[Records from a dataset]
- Opening Delimiter -
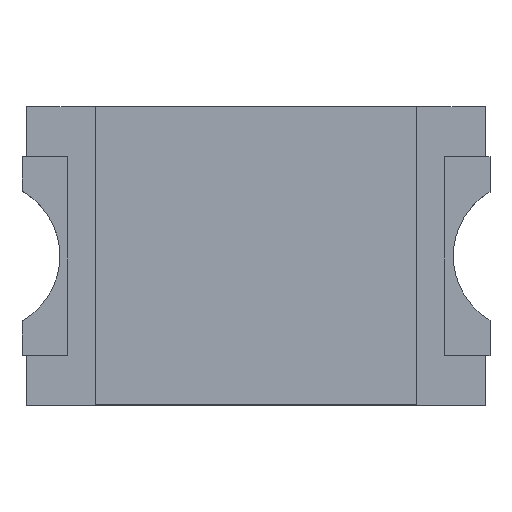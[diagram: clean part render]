
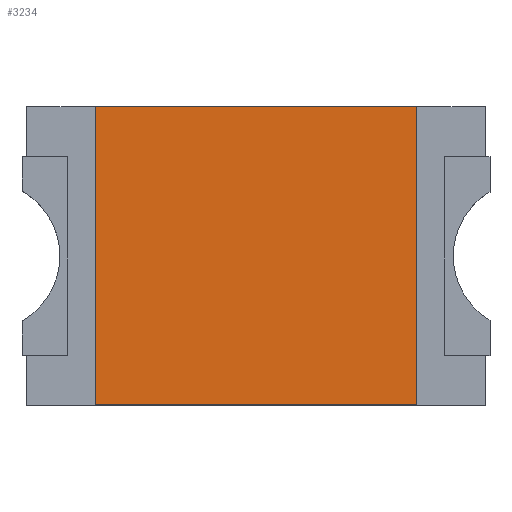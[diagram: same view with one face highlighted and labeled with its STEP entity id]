
A CAD part, top view. The second image highlights one B-rep face of the part: STEP entity #3234.
In plain terms, the highlighted planar face has unit normal (0, 0, 1).
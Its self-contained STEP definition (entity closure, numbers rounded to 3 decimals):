
#179 = PLANE('',#180);
#180 = AXIS2_PLACEMENT_3D('',#181,#182,#183);
#181 = CARTESIAN_POINT('',(-0.7,-0.65,0.4));
#182 = DIRECTION('',(1.,0.,0.));
#183 = DIRECTION('',(0.,0.,1.));
#725 = PLANE('',#726);
#726 = AXIS2_PLACEMENT_3D('',#727,#728,#729);
#727 = CARTESIAN_POINT('',(-0.7,-0.65,0.4));
#728 = DIRECTION('',(0.,1.,0.));
#729 = DIRECTION('',(0.,0.,1.));
#980 = PLANE('',#981);
#981 = AXIS2_PLACEMENT_3D('',#982,#983,#984);
#982 = CARTESIAN_POINT('',(-0.7,0.65,0.4));
#983 = DIRECTION('',(0.,1.,0.));
#984 = DIRECTION('',(0.,0.,1.));
#1040 = VERTEX_POINT('',#1041);
#1041 = CARTESIAN_POINT('',(-0.7,-0.65,0.8));
#1064 = VERTEX_POINT('',#1065);
#1065 = CARTESIAN_POINT('',(-0.7,0.65,0.8));
#1086 = EDGE_CURVE('',#1040,#1064,#1087,.T.);
#1087 = SURFACE_CURVE('',#1088,(#1092,#1099),.PCURVE_S1.);
#1088 = LINE('',#1089,#1090);
#1089 = CARTESIAN_POINT('',(-0.7,-0.65,0.8));
#1090 = VECTOR('',#1091,1.);
#1091 = DIRECTION('',(0.,1.,0.));
#1092 = PCURVE('',#179,#1093);
#1093 = DEFINITIONAL_REPRESENTATION('',(#1094),#1098);
#1094 = LINE('',#1095,#1096);
#1095 = CARTESIAN_POINT('',(0.4,0.));
#1096 = VECTOR('',#1097,1.);
#1097 = DIRECTION('',(0.,-1.));
#1098 = ( GEOMETRIC_REPRESENTATION_CONTEXT(2) 
PARAMETRIC_REPRESENTATION_CONTEXT() REPRESENTATION_CONTEXT('2D SPACE',''
  ) );
#1099 = PCURVE('',#1100,#1105);
#1100 = PLANE('',#1101);
#1101 = AXIS2_PLACEMENT_3D('',#1102,#1103,#1104);
#1102 = CARTESIAN_POINT('',(-0.7,-0.65,0.8));
#1103 = DIRECTION('',(0.,0.,1.));
#1104 = DIRECTION('',(1.,0.,0.));
#1105 = DEFINITIONAL_REPRESENTATION('',(#1106),#1110);
#1106 = LINE('',#1107,#1108);
#1107 = CARTESIAN_POINT('',(0.,0.));
#1108 = VECTOR('',#1109,1.);
#1109 = DIRECTION('',(0.,1.));
#1110 = ( GEOMETRIC_REPRESENTATION_CONTEXT(2) 
PARAMETRIC_REPRESENTATION_CONTEXT() REPRESENTATION_CONTEXT('2D SPACE',''
  ) );
#3018 = EDGE_CURVE('',#1040,#3019,#3021,.T.);
#3019 = VERTEX_POINT('',#3020);
#3020 = CARTESIAN_POINT('',(0.7,-0.65,0.8));
#3021 = SURFACE_CURVE('',#3022,(#3026,#3033),.PCURVE_S1.);
#3022 = LINE('',#3023,#3024);
#3023 = CARTESIAN_POINT('',(-0.7,-0.65,0.8));
#3024 = VECTOR('',#3025,1.);
#3025 = DIRECTION('',(1.,0.,0.));
#3026 = PCURVE('',#725,#3027);
#3027 = DEFINITIONAL_REPRESENTATION('',(#3028),#3032);
#3028 = LINE('',#3029,#3030);
#3029 = CARTESIAN_POINT('',(0.4,0.));
#3030 = VECTOR('',#3031,1.);
#3031 = DIRECTION('',(0.,1.));
#3032 = ( GEOMETRIC_REPRESENTATION_CONTEXT(2) 
PARAMETRIC_REPRESENTATION_CONTEXT() REPRESENTATION_CONTEXT('2D SPACE',''
  ) );
#3033 = PCURVE('',#1100,#3034);
#3034 = DEFINITIONAL_REPRESENTATION('',(#3035),#3039);
#3035 = LINE('',#3036,#3037);
#3036 = CARTESIAN_POINT('',(0.,0.));
#3037 = VECTOR('',#3038,1.);
#3038 = DIRECTION('',(1.,0.));
#3039 = ( GEOMETRIC_REPRESENTATION_CONTEXT(2) 
PARAMETRIC_REPRESENTATION_CONTEXT() REPRESENTATION_CONTEXT('2D SPACE',''
  ) );
#3055 = PLANE('',#3056);
#3056 = AXIS2_PLACEMENT_3D('',#3057,#3058,#3059);
#3057 = CARTESIAN_POINT('',(0.7,-0.65,0.4));
#3058 = DIRECTION('',(1.,0.,0.));
#3059 = DIRECTION('',(0.,0.,1.));
#3191 = EDGE_CURVE('',#1064,#3192,#3194,.T.);
#3192 = VERTEX_POINT('',#3193);
#3193 = CARTESIAN_POINT('',(0.7,0.65,0.8));
#3194 = SURFACE_CURVE('',#3195,(#3199,#3206),.PCURVE_S1.);
#3195 = LINE('',#3196,#3197);
#3196 = CARTESIAN_POINT('',(-0.7,0.65,0.8));
#3197 = VECTOR('',#3198,1.);
#3198 = DIRECTION('',(1.,0.,0.));
#3199 = PCURVE('',#980,#3200);
#3200 = DEFINITIONAL_REPRESENTATION('',(#3201),#3205);
#3201 = LINE('',#3202,#3203);
#3202 = CARTESIAN_POINT('',(0.4,0.));
#3203 = VECTOR('',#3204,1.);
#3204 = DIRECTION('',(0.,1.));
#3205 = ( GEOMETRIC_REPRESENTATION_CONTEXT(2) 
PARAMETRIC_REPRESENTATION_CONTEXT() REPRESENTATION_CONTEXT('2D SPACE',''
  ) );
#3206 = PCURVE('',#1100,#3207);
#3207 = DEFINITIONAL_REPRESENTATION('',(#3208),#3212);
#3208 = LINE('',#3209,#3210);
#3209 = CARTESIAN_POINT('',(0.,1.3));
#3210 = VECTOR('',#3211,1.);
#3211 = DIRECTION('',(1.,0.));
#3212 = ( GEOMETRIC_REPRESENTATION_CONTEXT(2) 
PARAMETRIC_REPRESENTATION_CONTEXT() REPRESENTATION_CONTEXT('2D SPACE',''
  ) );
#3234 = ADVANCED_FACE('',(#3235),#1100,.T.);
#3235 = FACE_BOUND('',#3236,.T.);
#3236 = EDGE_LOOP('',(#3237,#3238,#3239,#3260));
#3237 = ORIENTED_EDGE('',*,*,#1086,.F.);
#3238 = ORIENTED_EDGE('',*,*,#3018,.T.);
#3239 = ORIENTED_EDGE('',*,*,#3240,.T.);
#3240 = EDGE_CURVE('',#3019,#3192,#3241,.T.);
#3241 = SURFACE_CURVE('',#3242,(#3246,#3253),.PCURVE_S1.);
#3242 = LINE('',#3243,#3244);
#3243 = CARTESIAN_POINT('',(0.7,-0.65,0.8));
#3244 = VECTOR('',#3245,1.);
#3245 = DIRECTION('',(0.,1.,0.));
#3246 = PCURVE('',#1100,#3247);
#3247 = DEFINITIONAL_REPRESENTATION('',(#3248),#3252);
#3248 = LINE('',#3249,#3250);
#3249 = CARTESIAN_POINT('',(1.4,0.));
#3250 = VECTOR('',#3251,1.);
#3251 = DIRECTION('',(0.,1.));
#3252 = ( GEOMETRIC_REPRESENTATION_CONTEXT(2) 
PARAMETRIC_REPRESENTATION_CONTEXT() REPRESENTATION_CONTEXT('2D SPACE',''
  ) );
#3253 = PCURVE('',#3055,#3254);
#3254 = DEFINITIONAL_REPRESENTATION('',(#3255),#3259);
#3255 = LINE('',#3256,#3257);
#3256 = CARTESIAN_POINT('',(0.4,0.));
#3257 = VECTOR('',#3258,1.);
#3258 = DIRECTION('',(0.,-1.));
#3259 = ( GEOMETRIC_REPRESENTATION_CONTEXT(2) 
PARAMETRIC_REPRESENTATION_CONTEXT() REPRESENTATION_CONTEXT('2D SPACE',''
  ) );
#3260 = ORIENTED_EDGE('',*,*,#3191,.F.);
- Closing Delimiter -
Task:
In the records above, find the line with "#3038 = DIRECTION('',(1.,0.));"; write out exactly that line and each one after it, stopping after the line with "#3205 = ( GEOMETRIC_REPRESENTATION_CONTEXT(2)".

Task result:
#3038 = DIRECTION('',(1.,0.));
#3039 = ( GEOMETRIC_REPRESENTATION_CONTEXT(2) 
PARAMETRIC_REPRESENTATION_CONTEXT() REPRESENTATION_CONTEXT('2D SPACE',''
  ) );
#3055 = PLANE('',#3056);
#3056 = AXIS2_PLACEMENT_3D('',#3057,#3058,#3059);
#3057 = CARTESIAN_POINT('',(0.7,-0.65,0.4));
#3058 = DIRECTION('',(1.,0.,0.));
#3059 = DIRECTION('',(0.,0.,1.));
#3191 = EDGE_CURVE('',#1064,#3192,#3194,.T.);
#3192 = VERTEX_POINT('',#3193);
#3193 = CARTESIAN_POINT('',(0.7,0.65,0.8));
#3194 = SURFACE_CURVE('',#3195,(#3199,#3206),.PCURVE_S1.);
#3195 = LINE('',#3196,#3197);
#3196 = CARTESIAN_POINT('',(-0.7,0.65,0.8));
#3197 = VECTOR('',#3198,1.);
#3198 = DIRECTION('',(1.,0.,0.));
#3199 = PCURVE('',#980,#3200);
#3200 = DEFINITIONAL_REPRESENTATION('',(#3201),#3205);
#3201 = LINE('',#3202,#3203);
#3202 = CARTESIAN_POINT('',(0.4,0.));
#3203 = VECTOR('',#3204,1.);
#3204 = DIRECTION('',(0.,1.));
#3205 = ( GEOMETRIC_REPRESENTATION_CONTEXT(2) 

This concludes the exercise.